== Your instructions ==
Return only the number of lines in the material below holding the string "units".

== Raw data ==
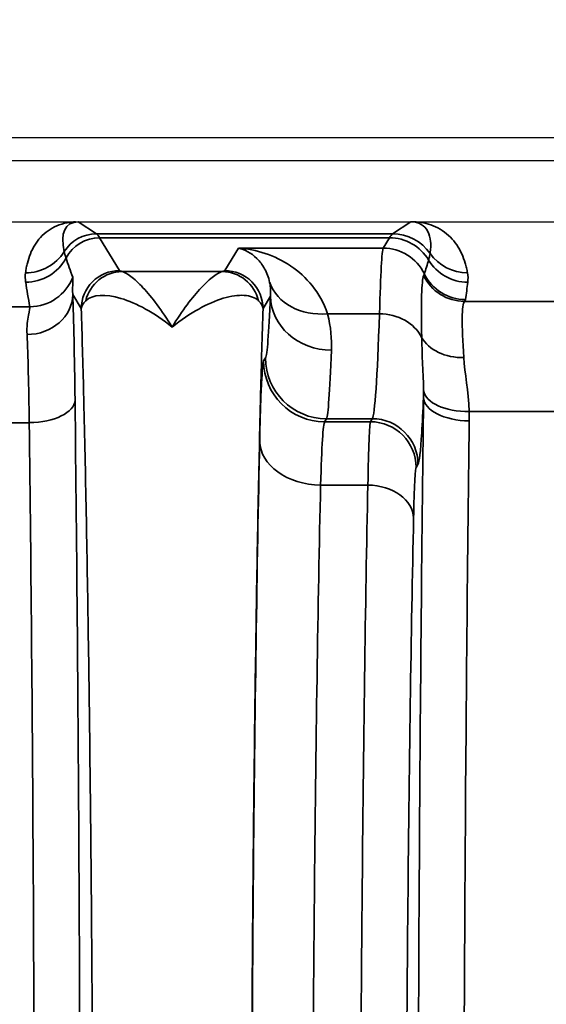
# Model space of a CAD drawing. Header units: millimetres. Extents: x 399 to 6233, y -1870 to 1602.
# Tile 596 of 656: x 5444 to 5451, y 319 to 332. Entities that reach past the tile are written whole.
import ezdxf

# ---------------------------------------------------------------- set-up
doc = ezdxf.new("R2010")
doc.units = ezdxf.units.MM
for name, color, linetype, lineweight in [('AM_5', 3, 'Continuous', 25), ('可見 (ISO)', 7, 'Continuous', 25), ('窄部可見 (ISO)', 7, 'Continuous', 35)]:
    doc.layers.add(name, color=color, linetype=linetype, lineweight=lineweight)
doc.styles.add('尺寸標註', font='romans.shx', dxfattribs={"bigfont": 'CHINESET.SHX'})
doc.dimstyles.new('CNS1$0', dxfattribs={"dimtxt": 2.5, "dimasz": 2.5, "dimexe": 1, "dimexo": 1, "dimgap": 1.5, "dimtad": 1, "dimtoh": 1, "dimdec": 1, "dimdsep": 46, "dimtxsty": '尺寸標註', "dimcen": 0, "dimclrd": 2, "dimclre": 2, "dimclrt": 1, "dimadec": 0, "dimazin": 2, "dimtp": 0.1, "dimtm": 0.1, "dimtfac": 0.71, "dimtdec": 1, "dimtmove": 0, "dimatfit": 0, "dimfxl": 0, "dimlwd": 13, "dimlwe": 13, "dimarcsym": 0})

# ---------------------------------------------------------------- blocks, each defined once
blk = doc.blocks.new('*D297')
at = {"layer": 'AM_5', "color": 2, "lineweight": 13}
for p, q in [((5339.611, 314.595), (5339.611, 341.186)), ((5500.331, 319.807), (5500.331, 341.186)), ((5342.111, 340.186), (5497.831, 340.186))]:
    blk.add_line(p, q, dxfattribs=at)
at = {"layer": 'AM_5', "color": 2, "lineweight": -2}
for points in [[(5342.111, 340.603), (5342.111, 339.77), (5339.611, 340.186)], [(5497.831, 340.603), (5497.831, 339.77), (5500.331, 340.186)]]:
    blk.add_solid(points, dxfattribs=at)
at = {"layer": 'Defpoints', "color": 0, "lineweight": -2}
for p in [(5500.331, 340.186), (5500.331, 318.807), (5339.611, 313.595)]:
    blk.add_point(p, dxfattribs=at)
at = {"layer": 'AM_5', "color": 1, "insert": (5419.971, 342.936), "char_height": 2.5, "attachment_point": 5, "style": '尺寸標註'}
blk.add_mtext('160.7', dxfattribs=at)

msp = doc.modelspace()

# ---------------------------------------------------------------- linework, layer by layer
at = {"layer": '可見 (ISO)'}
for p, q in [((5464.311, 330.095), (5351.311, 330.095)), ((5460.061, 329.795), (5355.561, 329.795)), ((5355.561, 328.995), (5460.061, 328.995)), ((5448.802, 328.345), (5448.802, 328.345))]:
    msp.add_line(p, q, dxfattribs=at)
for points, knots in [([(5444.792, 328.995), (5444.799, 328.995), (5444.806, 328.995), (5444.813, 328.995), (5444.819, 328.995), (5444.824, 328.995), (5444.828, 328.995)], [0.00000000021, 0.00000000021, 0.00000000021, 0.00000000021, 0.00002113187, 0.00002113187, 0.00002113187, 0.0000394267, 0.0000394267, 0.0000394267, 0.0000394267]), ([(5449.194, 328.995), (5449.194, 328.995), (5449.194, 328.995), (5449.194, 328.995), (5449.194, 328.995), (5449.194, 328.995), (5449.194, 328.995), (5449.195, 328.995), (5449.198, 328.995), (5449.205, 328.995), (5449.208, 328.995), (5449.218, 328.995), (5449.225, 328.995), (5449.232, 328.995)], [-0.005146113, -0.005146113, -0.005146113, -0.005146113, -0.004810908, -0.004810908, -0.004628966, -0.004628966, -0.004600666, -0.004600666, -0.003063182, -0.003063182, -0.002040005, -0.002040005, 0, 0, 0, 0])]:
    msp.add_open_spline(points, degree=3, knots=knots, dxfattribs=at)
at = {"layer": '窄部可見 (ISO)'}
for p, q in [((5444.828, 328.995), (5445.067, 328.836)), ((5448.955, 328.836), (5449.194, 328.995)), ((5445.067, 328.836), (5448.955, 328.836)), ((5448.912, 328.784), (5445.11, 328.784)), ((5445.11, 328.784), (5445.369, 328.354)), ((5448.831, 328.649), (5448.912, 328.784)), ((5446.754, 328.354), (5446.931, 328.649)), ((5446.931, 328.649), (5448.831, 328.649)), ((5445.405, 328.341), (5446.718, 328.341)), ((5444.869, 327.854), (5444.757, 328.04)), ((5447.351, 328.017), (5447.254, 327.854)), ((5443.927, 327.879), (5444.195, 327.879)), ((5449.899, 327.95), (5451.188, 327.95)), ((5448.101, 327.787), (5448.782, 327.787)), ((5447.262, 327.168), (5447.287, 327.208)), ((5451.161, 326.504), (5449.959, 326.504)), ((5444.187, 326.357), (5443.935, 326.357)), ((5448.086, 326.408), (5448.062, 326.368)), ((5448.062, 326.368), (5448.663, 326.368)), ((5448.687, 326.408), (5448.086, 326.408)), ((5448.663, 326.368), (5448.687, 326.408)), ((5449.287, 325.809), (5449.263, 325.769)), ((5448.63, 325.537), (5448.01, 325.537))]:
    msp.add_line(p, q, dxfattribs=at)
for centre, major_axis, ratio, start_param, end_param in [((5445.342, 328.152), (0.641, -0.802), 0.399262, 2.832426, 3.839089), ((5445.067, 328.336), (-0.277, -0.416), 0.999683, 3.729704, 4.736367), ((5445.11, 328.285), (-0.429, -0.257), 0.999172, 4.17245, 5.254458), ((5445.038, 228.802), (0, 100.043), 0.020838, 6.248286, 6.269226), ((5448.985, 228.802), (0, 100.043), 0.020817, 0.01396, 0.034899), ((5448.912, 328.185), (0.515, -0.309), 0.999172, 1.079473, 2.110736), ((5448.955, 328.236), (0.333, -0.499), 0.999683, 1.593357, 2.553481), ((5448.829, 324.535), (-0.005, -4.117), 0.020059, 3.179659, 3.801677), ((5448.831, 328.049), (0.515, -0.309), 0.999172, 0.991614, 2.110736), ((5444.137, 328.923), (0.595, -0.075), 0.998245, 4.838078, 5.844438), ((5444.139, 328.8), (0.594, 0.083), 0.998238, 4.573579, 5.655239), ((5445.563, 327.529), (1.006, -2.097), 0.194686, 4.130256, 4.260833), ((5449.938, 328.923), (-0.591, -0.105), 0.998218, 0.435215, 1.395105), ((2589.441, 331.054), (2860.258, -0.716), 0.046839, 6.268046, 6.269403), ((5449.941, 328.8), (-0.596, 0.067), 0.99825, 0.651925, 1.682859), ((5444.195, 328.478), (0.588, 0.12), 0.998201, 4.511525, 5.723718), ((5445.405, 327.842), (0.093, 0.491), 0.982985, 0.191158, 1.51992), ((5446.718, 327.842), (-0.093, 0.491), 0.982985, 4.763266, 6.092027), ((5445.2, 320.711), (4.172, 7.61), 0.009939, 6.191319, 6.234418), ((5449.899, 328.549), (-0.462, 0.383), 0.997094, 1.147203, 2.260656), ((5449.91, 328.572), (-0.593, 0.094), 0.998229, 0.609389, 1.728149), ((5444.916, 327.446), (-0.587, 1.898), 0.297416, 1.071506, 1.249581), ((5448.101, 328.449), (-0.77, -0.217), 0.816863, 0.053432, 1.344647), ((5449.066, 327.312), (0.629, 2.073), 0.310752, 5.129309, 5.247414), ((5444.157, 328.04), (0.6, 0.023), 0.876399, 4.678969, 6.239685), ((5444.731, 325.363), (0.007, -3.096), 0.02085, 2.000085, 2.615317), ((5447.289, 332.976), (0.008, 5.773), 0.02317, 3.180307, 3.678781), ((5448.151, 328.017), (-0.799, 0.032), 0.886923, 0.045354, 1.606482), ((5439.84, 327.978), (10.07, 0), 0.058758, 6.234735, 6.273976), ((5448.681, 334.407), (0, -8.003), 0.022512, 0.034888, 0.596845), ((5448.782, 327.291), (0.6, -0.018), 0.826915, 0.421327, 1.596274), ((5444.131, 325.283), (-0.007, 2.58), 0.02502, 5.141663, 5.756891), ((5449.889, 327.663), (-0.599, -0.031), 0.751758, 0.356231, 1.532192), ((5448.089, 332.818), (-0.008, -6.414), 0.020853, 0.038708, 0.537182), ((5448.062, 327.168), (-0.686, 0.412), 0.999172, 0.54067, 2.110736), ((5448.086, 327.208), (-0.686, 0.412), 0.999172, 0.54067, 2.110736), ((5449.959, 326.814), (-0.6, -0.017), 0.516223, 0.059539, 1.556187), ((5444.187, 326.652), (0.6, 0.007), 0.49083, 4.706597, 6.259146), ((5449.96, 326.687), (-0.6, 0.007), 0.511389, 0.024373, 1.577171), ((5448.065, 323.368), (0, 3.002), 0.026524, 0.034868, 0.763293), ((5448.663, 325.769), (0.515, -0.309), 0.999172, 0.54067, 2.110736), ((5448.687, 325.809), (0.515, -0.309), 0.999172, 0.54067, 2.110736), ((5450.421, 313.595), (0, 25), 0.02145, 1.033962, 1.570796), ((5448.01, 326.115), (-0.8, 0.018), 0.722333, 0.030288, 1.586603), ((5448.63, 325.104), (0.6, -0.013), 0.722333, 0.030288, 1.586603)]:
    msp.add_ellipse(centre, major_axis=major_axis, ratio=ratio, start_param=start_param, end_param=end_param, dxfattribs=at)
for points, knots in [([(5444.137, 328.324), (5444.14, 328.347), (5444.144, 328.37), (5444.148, 328.391), (5444.152, 328.412), (5444.156, 328.433), (5444.162, 328.453), (5444.172, 328.494), (5444.185, 328.534), (5444.201, 328.573), (5444.233, 328.653), (5444.278, 328.727), (5444.334, 328.789), (5444.394, 328.854), (5444.467, 328.906), (5444.548, 328.941), (5444.591, 328.96), (5444.637, 328.973), (5444.684, 328.982), (5444.72, 328.989), (5444.756, 328.993), (5444.792, 328.995)], [2.1358688, 2.1358688, 2.1358688, 2.1358688, 2.1945542, 2.1945542, 2.1945542, 2.25329, 2.25329, 2.25329, 2.3713058, 2.3713058, 2.3713058, 2.612508, 2.612508, 2.612508, 2.8678155, 2.8678155, 2.8678155, 3.004742, 3.004742, 3.004742, 3.1094244, 3.1094244, 3.1094244, 3.1094244]), ([(5449.447, 328.579), (5449.449, 328.593), (5449.45, 328.607), (5449.452, 328.62), (5449.453, 328.633), (5449.454, 328.646), (5449.454, 328.659), (5449.455, 328.684), (5449.455, 328.71), (5449.453, 328.734), (5449.448, 328.784), (5449.437, 328.83), (5449.417, 328.868), (5449.396, 328.909), (5449.367, 328.94), (5449.33, 328.961), (5449.291, 328.984), (5449.245, 328.995), (5449.194, 328.995)], [2.1824074, 2.1824074, 2.1824074, 2.1824074, 2.2369219, 2.2369219, 2.2369219, 2.2918591, 2.2918591, 2.2918591, 2.4032229, 2.4032229, 2.4032229, 2.6337552, 2.6337552, 2.6337552, 2.879414, 2.879414, 2.879414, 3.1424948, 3.1424948, 3.1424948, 3.1424948]), ([(5449.232, 328.995), (5449.319, 328.991), (5449.406, 328.974), (5449.485, 328.942), (5449.571, 328.908), (5449.648, 328.857), (5449.713, 328.791), (5449.774, 328.73), (5449.824, 328.656), (5449.861, 328.574), (5449.88, 328.535), (5449.895, 328.494), (5449.908, 328.452), (5449.914, 328.431), (5449.92, 328.41), (5449.925, 328.389), (5449.93, 328.368), (5449.934, 328.347), (5449.938, 328.324)], [3.1723513, 3.1723513, 3.1723513, 3.1723513, 3.4034885, 3.4034885, 3.4034885, 3.6496995, 3.6496995, 3.6496995, 3.8803063, 3.8803063, 3.8803063, 3.9915494, 3.9915494, 3.9915494, 4.0463878, 4.0463878, 4.0463878, 4.1007779, 4.1007779, 4.1007779, 4.1007779]), ([(5446.931, 328.649), (5447.167, 328.633), (5447.406, 328.557), (5447.615, 328.416), (5447.616, 328.415), (5447.618, 328.414), (5447.619, 328.413), (5447.722, 328.344), (5447.817, 328.259), (5447.899, 328.156), (5447.983, 328.052), (5448.054, 327.929), (5448.101, 327.787)], [-0.000014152, -0.000014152, -0.000014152, -0.000014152, 0.001513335, 0.001513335, 0.001513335, 0.00152394, 0.00152394, 0.00152394, 0.002277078, 0.002277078, 0.002277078, 0.003040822, 0.003040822, 0.003040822, 0.003040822]), ([(5447.341, 328.199), (5447.326, 328.267), (5447.303, 328.327), (5447.274, 328.377), (5447.246, 328.43), (5447.212, 328.473), (5447.175, 328.51), (5447.174, 328.511), (5447.173, 328.513), (5447.172, 328.514), (5447.098, 328.587), (5447.014, 328.631), (5446.931, 328.649)], [0, 0, 0, 0, 0.000760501, 0.000760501, 0.000760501, 0.00154208, 0.00154208, 0.00154208, 0.001566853, 0.001566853, 0.001566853, 0.003133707, 0.003133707, 0.003133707, 0.003133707]), ([(5444.644, 328.603), (5444.647, 328.591), (5444.65, 328.579), (5444.654, 328.566), (5444.659, 328.551), (5444.664, 328.536), (5444.669, 328.519)], [0, 0, 0, 0, 0.001000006, 0.001000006, 0.001000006, 0.00208995, 0.00208995, 0.00208995, 0.00208995]), ([(5449.427, 328.492), (5449.432, 328.511), (5449.437, 328.529), (5449.44, 328.545), (5449.443, 328.557), (5449.445, 328.569), (5449.447, 328.579)], [0, 0, 0, 0, 0.001200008, 0.001200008, 0.001200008, 0.002089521, 0.002089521, 0.002089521, 0.002089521]), ([(5444.757, 328.268), (5444.761, 328.257), (5444.76, 328.232), (5444.758, 328.195), (5444.758, 328.194), (5444.758, 328.193), (5444.758, 328.192), (5444.756, 328.155), (5444.752, 328.105), (5444.757, 328.04)], [0, 0, 0, 0, 0.000774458, 0.000774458, 0.000774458, 0.000793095, 0.000793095, 0.000793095, 0.001548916, 0.001548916, 0.001548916, 0.001548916]), ([(5445.369, 328.354), (5445.238, 328.354), (5445.108, 328.3), (5445.015, 328.208), (5444.923, 328.115), (5444.869, 327.985), (5444.869, 327.854)], [0, 0, 0, 0, 0.5, 0.5, 0.5, 1, 1, 1, 1]), ([(5445.405, 328.341), (5445.432, 328.335), (5445.471, 328.313), (5445.518, 328.278), (5445.566, 328.242), (5445.621, 328.191), (5445.679, 328.129), (5445.738, 328.067), (5445.8, 327.992), (5445.864, 327.906), (5445.928, 327.82), (5445.995, 327.721), (5446.061, 327.613)], [0, 0, 0, 0, 0.000534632, 0.000534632, 0.000534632, 0.001069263, 0.001069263, 0.001069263, 0.001603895, 0.001603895, 0.001603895, 0.002138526, 0.002138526, 0.002138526, 0.002138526]), ([(5446.061, 327.613), (5446.194, 327.831), (5446.326, 328.004), (5446.502, 328.191), (5446.557, 328.242), (5446.651, 328.313), (5446.69, 328.335), (5446.718, 328.341)], [-0.000011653, -0.000011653, -0.000011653, -0.000011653, 0.001067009, 0.001067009, 0.00160634, 0.00160634, 0.002145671, 0.002145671, 0.002145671, 0.002145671]), ([(5447.254, 327.854), (5447.253, 327.985), (5447.2, 328.115), (5447.107, 328.208), (5447.014, 328.3), (5446.884, 328.354), (5446.754, 328.354)], [0, 0, 0, 0, 0.5, 0.5, 0.5, 1, 1, 1, 1]), ([(5449.336, 327.477), (5449.332, 327.706), (5449.331, 327.894), (5449.335, 328.031), (5449.339, 328.167), (5449.348, 328.254), (5449.361, 328.286)], [0.001060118, 0.001060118, 0.001060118, 0.001060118, 0.002188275, 0.002188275, 0.002188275, 0.003316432, 0.003316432, 0.003316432, 0.003316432]), ([(5446.061, 327.613), (5445.826, 327.801), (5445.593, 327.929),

== Result for this exercise ==
2